“Jubatus” is a processing platform for analyzing large-scale datasets which are increasing in the current big data era. It is an open-source software which was jointly developed by NTT Information Sharing Platform Laboratories and PFI. Detailed information can be found at the Jubatus official webpage.
Jubatus has the following 3 characteristics:
Up to now, large datasets were analyzed in batches for the most. Data is stored first, then analyzed overnight or in a specified time in batches and the results would come in the next day, creating a time lag. There are 2 issues concerning stored data and data analysis. One is that it is difficult to apply analysis results in real-time due to the time lag that occurs. The other is that processing of the data may become limited according to the data size.
Jubatus processes data as it arrives and can analyze data in real-time.
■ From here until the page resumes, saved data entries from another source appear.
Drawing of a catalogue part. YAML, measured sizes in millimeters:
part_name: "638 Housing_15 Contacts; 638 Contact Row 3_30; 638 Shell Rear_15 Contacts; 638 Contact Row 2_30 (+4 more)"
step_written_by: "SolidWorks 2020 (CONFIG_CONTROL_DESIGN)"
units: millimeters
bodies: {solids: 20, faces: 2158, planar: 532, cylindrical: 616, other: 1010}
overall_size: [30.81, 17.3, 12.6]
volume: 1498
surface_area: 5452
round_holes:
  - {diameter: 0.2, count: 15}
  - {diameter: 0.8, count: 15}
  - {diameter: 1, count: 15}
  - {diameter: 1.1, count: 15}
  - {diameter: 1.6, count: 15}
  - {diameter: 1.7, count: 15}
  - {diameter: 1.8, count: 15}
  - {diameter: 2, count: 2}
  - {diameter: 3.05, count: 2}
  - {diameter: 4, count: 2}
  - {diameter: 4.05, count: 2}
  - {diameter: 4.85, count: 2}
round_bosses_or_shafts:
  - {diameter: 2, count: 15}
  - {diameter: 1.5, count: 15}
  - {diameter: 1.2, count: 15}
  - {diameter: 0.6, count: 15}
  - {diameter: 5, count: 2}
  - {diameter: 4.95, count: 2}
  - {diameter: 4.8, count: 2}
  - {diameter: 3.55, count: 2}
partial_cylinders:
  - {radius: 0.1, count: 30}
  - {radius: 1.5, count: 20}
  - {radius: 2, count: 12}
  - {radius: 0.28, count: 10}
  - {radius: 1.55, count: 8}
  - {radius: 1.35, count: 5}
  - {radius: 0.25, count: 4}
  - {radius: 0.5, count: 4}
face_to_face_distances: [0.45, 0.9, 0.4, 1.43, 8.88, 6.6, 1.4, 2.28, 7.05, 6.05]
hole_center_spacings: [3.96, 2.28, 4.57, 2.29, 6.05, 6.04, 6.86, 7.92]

With Jubatus, trends can be picked up instantly from sensor data (which are entered at an extremely high pace) and information from numerous click logs, allowing your service to better accommodate your users.
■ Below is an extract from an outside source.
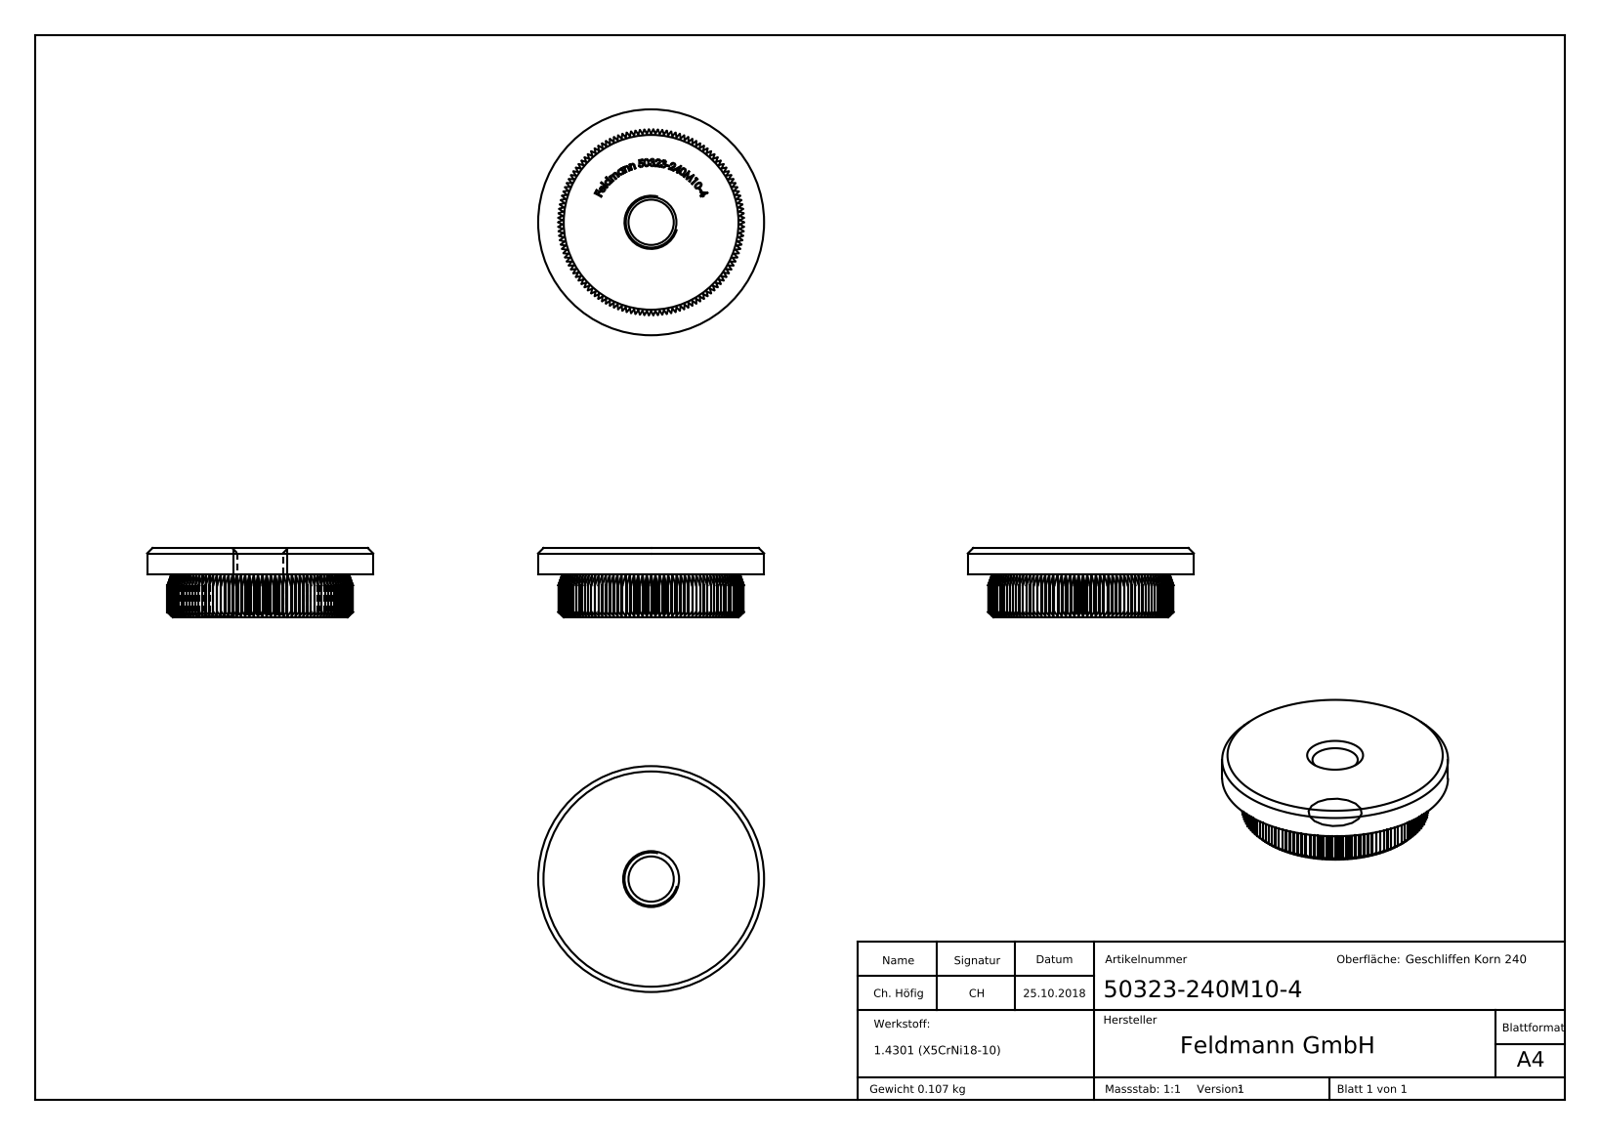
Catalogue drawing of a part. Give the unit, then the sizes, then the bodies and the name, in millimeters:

In order to cope with growing data, it is necessary to improve computational capabilities. Jubatus uses a scale-out design where compute nodes are increased to secure higher computational capabilities. In terms of costs and fault tolerance, this design is more advantageous than scale-up designs which use higher compute nodes.
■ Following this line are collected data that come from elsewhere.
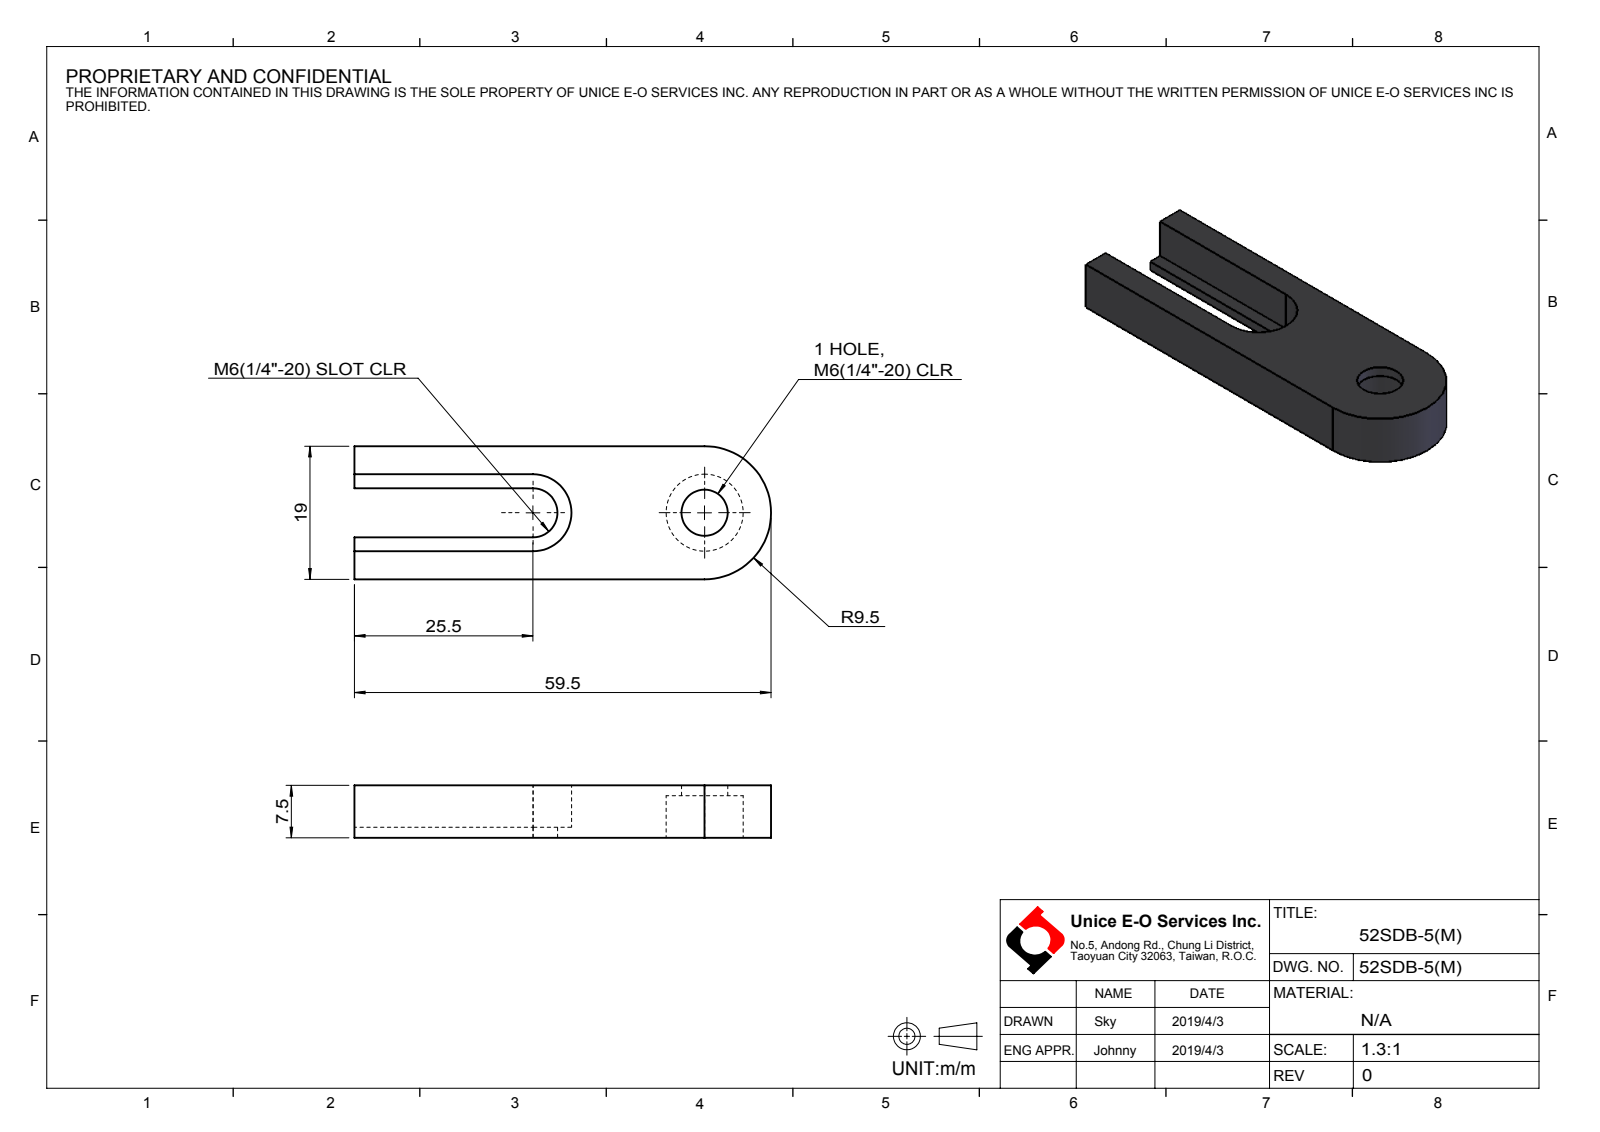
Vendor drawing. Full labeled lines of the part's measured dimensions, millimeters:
Part name (STEP PRODUCT): 52SDB-5(M)
STEP written by: SolidWorks 2016 (CONFIG_CONTROL_DESIGN)
Units: millimetres
Bodies: 1 solid, 19 faces (12 planar, 7 cylindrical, 0 other)
Overall size (bounding box): 59.5 × 19 × 7.5
Volume: 5 302 mm³ · Surface area: 3 501 mm²
Round holes (diameter × count): ⌀6.6 ×1, ⌀11 ×1
Partial cylindrical surfaces — rounded edges, fillets, slot ends (radius × count): R3.5 ×1, R5.5 ×1, R9.5 ×1
Main face-to-face distances: 7.5, 19, 4, 15, 6, 1.5, 11, 13, 2, 9

Jubatus also adapts a mixed computation model where machine learning is possible in real-time under distributed environments. Each compute node used by Jubatus functions individually to secure high parallel performance. The results of machine learning (discussed below) can be analyzed efficiently using mixed operations which are interchanged intermittently.
Jubatus uses machine learning to perform analysis at a deeper level compared to traditional statistical processing systems. Machine learning is technology that finds patterns and rules from big data to be able to analyze and make computational decisions related to the data in the future. Jubatus supports online machine learning which enables data to come in continuously. Using online machine learning technology, Jubatus is able to expand to a larger distributed environment and operate efficiently.
In general, machine learning converts text data, image data and other raw data entered by users to a feature vector (an abstract data structure). Traditional machine learning libraries do not support this data conversion and only accept the data abstraction. Jubatus can also handle unstructured data which is usually often found in large datasets and also supports the entire data conversion process including the development of the machine learning algorithm according to raw data. As a result, machine learning analysis results can be attained even if users enter unstructured data.